• Data to process:
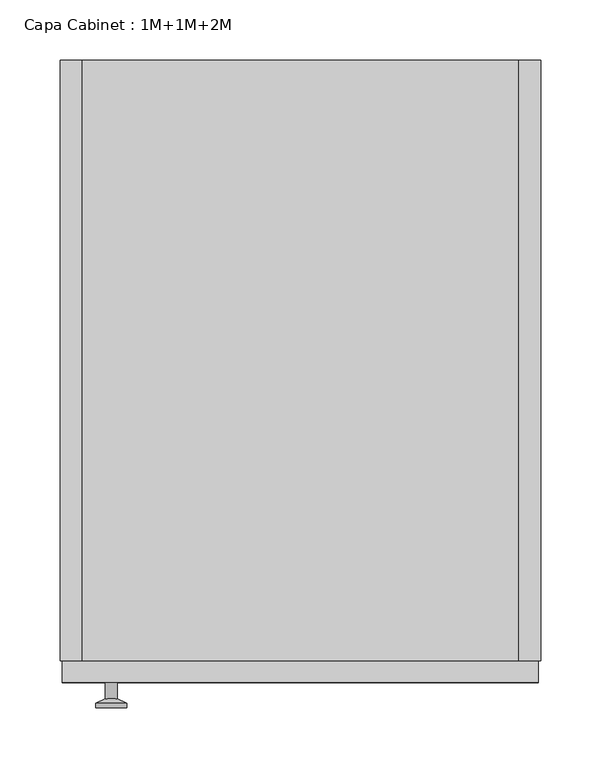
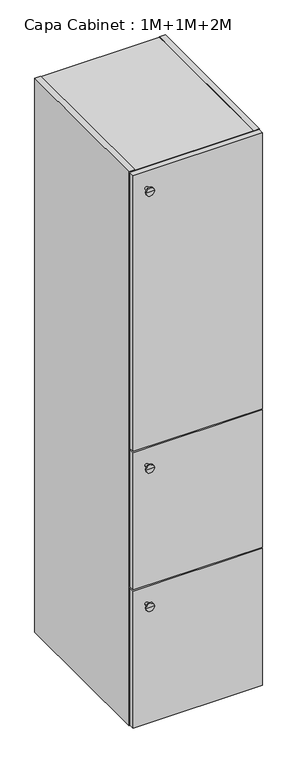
"""IFC4 building model written with IfcOpenShell, lengths in millimetres: furniture geometry, Capa Cabinet : 1M+1M+2M."""

from ifc_helpers import new_model, si_unit, frame, origin, place, context, project, spatial, polyline, circle_curve, outline, extrude, faceted_brep, source, transform, mapped, element, save
from ifc_brep_helpers import plane_surface, cylinder_surface, revolved_surface, advanced_brep


def capa_cabinet_1m_1m_2m_8f2fa9e4(model_context):
    return source(origin(), model_context, "Body", "SolidModel", [
        extrude(outline(polyline([(182.0, 0.0), (-182.0, 0.0), (-182.0, 490.0), (182.0, 490.0), (182.0, 0.0)])), frame((0.0, 0.0, 1337.0), z_axis=(0.0, 0.0, 1.0), x_axis=(1.0, 0.0, 0.0)), (0.0, 0.0, 1.0), 14.0),
        extrude(outline(polyline([(182.0, 0.0), (-182.0, 0.0), (-182.0, 490.0), (182.0, 490.0), (182.0, 0.0)])), frame((0.0, 0.0, 889.0), z_axis=(0.0, 0.0, 1.0), x_axis=(1.0, 0.0, 0.0)), (0.0, 0.0, 1.0), 14.0),
        extrude(outline(polyline([(182.0, 0.0), (-182.0, 0.0), (-182.0, 490.0), (182.0, 490.0), (182.0, 0.0)])), frame((0.0, 0.0, 441.0), z_axis=(0.0, 0.0, 1.0), x_axis=(1.0, 0.0, 0.0)), (0.0, 0.0, 1.0), 14.0),
        faceted_brep([(-182.0, 500.0, 1792.0), (-182.0, 500.0, 1791.0), (182.0, 500.0, 1791.0), (182.0, 500.0, 1792.0), (200.0, 500.0, 1792.0), (200.0, 500.0, 0.0), (182.0, 500.0, 0.0), (182.0, 500.0, 1.0), (-182.0, 500.0, 1.0), (-182.0, 500.0, 0.0), (-200.0, 500.0, 0.0), (-200.0, 500.0, 1792.0), (182.0, 490.0, 19.0), (182.0, 490.0, 1773.0), (-182.0, 490.0, 1773.0), (-182.0, 490.0, 19.0), (-182.0, 0.0, 1792.0), (-200.0, 0.0, 1792.0), (-200.0, 0.0, 0.0), (-182.0, 0.0, 0.0), (-182.0, 0.0, 1.0), (182.0, 0.0, 1.0), (182.0, 0.0, 0.0), (200.0, 0.0, 0.0), (200.0, 0.0, 1792.0), (182.0, 0.0, 1792.0), (182.0, 0.0, 1791.0), (-182.0, 0.0, 1791.0), (182.0, 0.0, 1773.0), (182.0, 0.0, 19.0), (-182.0, 0.0, 19.0), (-182.0, 0.0, 1773.0)], [[[0, 1, 2, 3, 4, 5, 6, 7, 8, 9, 10, 11]], [[12, 13, 14, 15]], [[16, 17, 18, 19, 20, 21, 22, 23, 24, 25, 26, 27], [28, 29, 30, 31]], [[17, 16, 0, 11]], [[18, 17, 11, 10]], [[23, 22, 6, 5]], [[24, 23, 5, 4]], [[19, 18, 10, 9]], [[20, 19, 9, 8]], [[21, 20, 8, 7]], [[22, 21, 7, 6]], [[25, 24, 4, 3]], [[26, 25, 3, 2]], [[27, 26, 2, 1]], [[16, 27, 1, 0]], [[29, 28, 13, 12]], [[30, 29, 12, 15]], [[31, 30, 15, 14]], [[28, 31, 14, 13]]]),
        extrude(outline(polyline([(198.0, -18.0), (-198.0, -18.0), (-198.0, 0.0), (198.0, 0.0), (198.0, -18.0)])), frame((0.0, 0.0, 898.0), z_axis=(0.0, 0.0, 1.0), x_axis=(1.0, 0.0, 0.0)), (0.0, 0.0, 1.0), 892.0),
        advanced_brep(
        [(-157.2922597, -18.0, 1736.0), (-152.2922597, -18.0, 1736.0), (-162.2922597, -18.0, 1736.0), (-170.2922597, -38.997134, 1736.0), (-144.2922597, -38.997134, 1736.0), (-157.2922597, -38.997134, 1736.0), (-170.2922597, -35.5419417, 1736.0), (-144.2922597, -35.5419417, 1736.0), (-162.2922597, -31.8114804, 1736.0), (-152.2922597, -31.8114804, 1736.0)],
        [
            (0, 1),
            (1, 2, circle_curve(frame((-157.2922597, -18.0, 1736.0), z_axis=(0.0, 1.0, 0.0), x_axis=(1.0, 0.0, 0.0)), 5.0)),
            (2, 0),
            (2, 1, circle_curve(frame((-157.2922597, -18.0, 1736.0), z_axis=(0.0, 1.0, 0.0), x_axis=(1.0, 0.0, 0.0)), 5.0)),
            (3, 4, circle_curve(frame((-157.2922597, -38.997134, 1736.0), z_axis=(0.0, -1.0, 0.0), x_axis=(1.0, 0.0, 0.0)), 13.0)),
            (4, 5),
            (5, 3),
            (4, 3, circle_curve(frame((-157.2922597, -38.997134, 1736.0), z_axis=(0.0, -1.0, 0.0), x_axis=(1.0, 0.0, 0.0)), 13.0)),
            (6, 7, circle_curve(frame((-157.2922597, -35.5419417, 1736.0), z_axis=(0.0, -1.0, 0.0), x_axis=(1.0, 0.0, 0.0)), 13.0)),
            (7, 4),
            (3, 6),
            (7, 6, circle_curve(frame((-157.2922597, -35.5419417, 1736.0), z_axis=(0.0, -1.0, 0.0), x_axis=(1.0, 0.0, 0.0)), 13.0)),
            (8, 9, circle_curve(frame((-157.2922597, -31.8114804, 1736.0), z_axis=(0.0, -1.0, 0.0), x_axis=(1.0, 0.0, 0.0)), 5.0)),
            (9, 7),
            (6, 8),
            (9, 8, circle_curve(frame((-157.2922597, -31.8114804, 1736.0), z_axis=(0.0, -1.0, 0.0), x_axis=(1.0, 0.0, 0.0)), 5.0)),
            (1, 9),
            (8, 2),
        ],
        [
            plane_surface(frame((-157.2922597, -18.0, 1736.0), z_axis=(0.0, 1.0, 0.0), x_axis=(1.0, 0.0, 0.0))),
            plane_surface(frame((-157.2922597, -38.997134, 1736.0), z_axis=(0.0, -1.0, 0.0), x_axis=(1.0, 0.0, 0.0))),
            cylinder_surface(frame((-157.2922597, -38.997134, 1736.0), z_axis=(0.0, 1.0, 0.0), x_axis=(1.0, 0.0, 0.0)), 13.0),
            revolved_surface(polyline([(-144.2922597, -35.5419417, 1736.0), (-152.2922597, -31.8114804, 1736.0)]), (-157.2922597, -38.997134, 1736.0), (0.0, 1.0, 0.0)),
            cylinder_surface(frame((-157.2922597, -38.997134, 1736.0), z_axis=(0.0, 1.0, 0.0), x_axis=(1.0, 0.0, 0.0)), 5.0),
        ],
        [
            (0, [[1, 2, 3]]),
            (0, [[-3, 4, -1]]),
            (1, [[5, 6, 7]]),
            (1, [[8, -7, -6]]),
            (2, [[9, 10, -5, 11]]),
            (2, [[12, -11, -8, -10]]),
            (3, [[13, 14, -9, 15]]),
            (3, [[16, -15, -12, -14]]),
            (4, [[-2, 17, -13, 18]]),
            (4, [[-4, -18, -16, -17]]),
        ],
    ),
        extrude(outline(polyline([(198.0, -18.0), (-198.0, -18.0), (-198.0, 0.0), (198.0, 0.0), (198.0, -18.0)])), frame((0.0, 0.0, 450.0), z_axis=(0.0, 0.0, 1.0), x_axis=(1.0, 0.0, 0.0)), (0.0, 0.0, 1.0), 444.0),
        advanced_brep(
        [(-157.2922597, -18.0, 840.0), (-152.2922597, -18.0, 840.0), (-162.2922597, -18.0, 840.0), (-170.2922597, -38.997134, 840.0), (-144.2922597, -38.997134, 840.0), (-157.2922597, -38.997134, 840.0), (-170.2922597, -35.5419417, 840.0), (-144.2922597, -35.5419417, 840.0), (-162.2922597, -31.8114804, 840.0), (-152.2922597, -31.8114804, 840.0)],
        [
            (0, 1),
            (1, 2, circle_curve(frame((-157.2922597, -18.0, 840.0), z_axis=(0.0, 1.0, 0.0), x_axis=(1.0, 0.0, 0.0)), 5.0)),
            (2, 0),
            (2, 1, circle_curve(frame((-157.2922597, -18.0, 840.0), z_axis=(0.0, 1.0, 0.0), x_axis=(1.0, 0.0, 0.0)), 5.0)),
            (3, 4, circle_curve(frame((-157.2922597, -38.997134, 840.0), z_axis=(0.0, -1.0, 0.0), x_axis=(1.0, 0.0, 0.0)), 13.0)),
            (4, 5),
            (5, 3),
            (4, 3, circle_curve(frame((-157.2922597, -38.997134, 840.0), z_axis=(0.0, -1.0, 0.0), x_axis=(1.0, 0.0, 0.0)), 13.0)),
            (6, 7, circle_curve(frame((-157.2922597, -35.5419417, 840.0), z_axis=(0.0, -1.0, 0.0), x_axis=(1.0, 0.0, 0.0)), 13.0)),
            (7, 4),
            (3, 6),
            (7, 6, circle_curve(frame((-157.2922597, -35.5419417, 840.0), z_axis=(0.0, -1.0, 0.0), x_axis=(1.0, 0.0, 0.0)), 13.0)),
            (8, 9, circle_curve(frame((-157.2922597, -31.8114804, 840.0), z_axis=(0.0, -1.0, 0.0), x_axis=(1.0, 0.0, 0.0)), 5.0)),
            (9, 7),
            (6, 8),
            (9, 8, circle_curve(frame((-157.2922597, -31.8114804, 840.0), z_axis=(0.0, -1.0, 0.0), x_axis=(1.0, 0.0, 0.0)), 5.0)),
            (1, 9),
            (8, 2),
        ],
        [
            plane_surface(frame((-157.2922597, -18.0, 840.0), z_axis=(0.0, 1.0, 0.0), x_axis=(1.0, 0.0, 0.0))),
            plane_surface(frame((-157.2922597, -38.997134, 840.0), z_axis=(0.0, -1.0, 0.0), x_axis=(1.0, 0.0, 0.0))),
            cylinder_surface(frame((-157.2922597, -38.997134, 840.0), z_axis=(0.0, 1.0, 0.0), x_axis=(1.0, 0.0, 0.0)), 13.0),
            revolved_surface(polyline([(-144.2922597, -35.5419417, 840.0), (-152.2922597, -31.8114804, 840.0)]), (-157.2922597, -38.997134, 840.0), (0.0, 1.0, 0.0)),
            cylinder_surface(frame((-157.2922597, -38.997134, 840.0), z_axis=(0.0, 1.0, 0.0), x_axis=(1.0, 0.0, 0.0)), 5.0),
        ],
        [
            (0, [[1, 2, 3]]),
            (0, [[-3, 4, -1]]),
            (1, [[5, 6, 7]]),
            (1, [[8, -7, -6]]),
            (2, [[9, 10, -5, 11]]),
            (2, [[12, -11, -8, -10]]),
            (3, [[13, 14, -9, 15]]),
            (3, [[16, -15, -12, -14]]),
            (4, [[-2, 17, -13, 18]]),
            (4, [[-4, -18, -16, -17]]),
        ],
    ),
        extrude(outline(polyline([(198.0, -18.0), (-198.0, -18.0), (-198.0, 0.0), (198.0, 0.0), (198.0, -18.0)])), frame((0.0, 0.0, 2.0), z_axis=(0.0, 0.0, 1.0), x_axis=(1.0, 0.0, 0.0)), (0.0, 0.0, 1.0), 444.0),
        advanced_brep(
        [(-157.2922597, -18.0, 392.0), (-152.2922597, -18.0, 392.0), (-162.2922597, -18.0, 392.0), (-170.2922597, -38.997134, 392.0), (-144.2922597, -38.997134, 392.0), (-157.2922597, -38.997134, 392.0), (-170.2922597, -35.5419417, 392.0), (-144.2922597, -35.5419417, 392.0), (-162.2922597, -31.8114804, 392.0), (-152.2922597, -31.8114804, 392.0)],
        [
            (0, 1),
            (1, 2, circle_curve(frame((-157.2922597, -18.0, 392.0), z_axis=(0.0, 1.0, 0.0), x_axis=(1.0, 0.0, 0.0)), 5.0)),
            (2, 0),
            (2, 1, circle_curve(frame((-157.2922597, -18.0, 392.0), z_axis=(0.0, 1.0, 0.0), x_axis=(1.0, 0.0, 0.0)), 5.0)),
            (3, 4, circle_curve(frame((-157.2922597, -38.997134, 392.0), z_axis=(0.0, -1.0, 0.0), x_axis=(1.0, 0.0, 0.0)), 13.0)),
            (4, 5),
            (5, 3),
            (4, 3, circle_curve(frame((-157.2922597, -38.997134, 392.0), z_axis=(0.0, -1.0, 0.0), x_axis=(1.0, 0.0, 0.0)), 13.0)),
            (6, 7, circle_curve(frame((-157.2922597, -35.5419417, 392.0), z_axis=(0.0, -1.0, 0.0), x_axis=(1.0, 0.0, 0.0)), 13.0)),
            (7, 4),
            (3, 6),
            (7, 6, circle_curve(frame((-157.2922597, -35.5419417, 392.0), z_axis=(0.0, -1.0, 0.0), x_axis=(1.0, 0.0, 0.0)), 13.0)),
            (8, 9, circle_curve(frame((-157.2922597, -31.8114804, 392.0), z_axis=(0.0, -1.0, 0.0), x_axis=(1.0, 0.0, 0.0)), 5.0)),
            (9, 7),
            (6, 8),
            (9, 8, circle_curve(frame((-157.2922597, -31.8114804, 392.0), z_axis=(0.0, -1.0, 0.0), x_axis=(1.0, 0.0, 0.0)), 5.0)),
            (1, 9),
            (8, 2),
        ],
        [
            plane_surface(frame((-157.2922597, -18.0, 392.0), z_axis=(0.0, 1.0, 0.0), x_axis=(1.0, 0.0, 0.0))),
            plane_surface(frame((-157.2922597, -38.997134, 392.0), z_axis=(0.0, -1.0, 0.0), x_axis=(1.0, 0.0, 0.0))),
            cylinder_surface(frame((-157.2922597, -38.997134, 392.0), z_axis=(0.0, 1.0, 0.0), x_axis=(1.0, 0.0, 0.0)), 13.0),
            revolved_surface(polyline([(-144.2922597, -35.5419417, 392.0), (-152.2922597, -31.8114804, 392.0)]), (-157.2922597, -38.997134, 392.0), (0.0, 1.0, 0.0)),
            cylinder_surface(frame((-157.2922597, -38.997134, 392.0), z_axis=(0.0, 1.0, 0.0), x_axis=(1.0, 0.0, 0.0)), 5.0),
        ],
        [
            (0, [[1, 2, 3]]),
            (0, [[-3, 4, -1]]),
            (1, [[5, 6, 7]]),
            (1, [[8, -7, -6]]),
            (2, [[9, 10, -5, 11]]),
            (2, [[12, -11, -8, -10]]),
            (3, [[13, 14, -9, 15]]),
            (3, [[16, -15, -12, -14]]),
            (4, [[-2, 17, -13, 18]]),
            (4, [[-4, -18, -16, -17]]),
        ],
    ),
    ])


if __name__ == "__main__":
    model = new_model("IFC4")
    model_context = context("Model", 3, world=origin())
    ifc_project = project(units=[si_unit("LENGTHUNIT", "METRE", prefix="MILLI")], contexts=[model_context])
    site = spatial("IfcSite", under=ifc_project)
    building = spatial("IfcBuilding", under=site)
    placement = place(None, origin())
    capa_cabinet_1m_1m_2m_shape = capa_cabinet_1m_1m_2m_8f2fa9e4(model_context)
    element("IfcFurniture", 1, ObjectType="Capa Cabinet : 1M+1M+2M", at=placement, inside=building, context=model_context, shape_type="MappedRepresentation", body=[
        mapped(capa_cabinet_1m_1m_2m_shape, transform((0.0, 0.0, 0.0), x_axis=(1.0, 0.0, 0.0), y_axis=(0.0, 1.0, 0.0), z_axis=(0.0, 0.0, 1.0))),
    ])
    save(model, "model.ifc")

• Aim of the task: Search the material for the word "under" and copy every matching line.

• Solution for this task:
    site = spatial("IfcSite", under=ifc_project)
    building = spatial("IfcBuilding", under=site)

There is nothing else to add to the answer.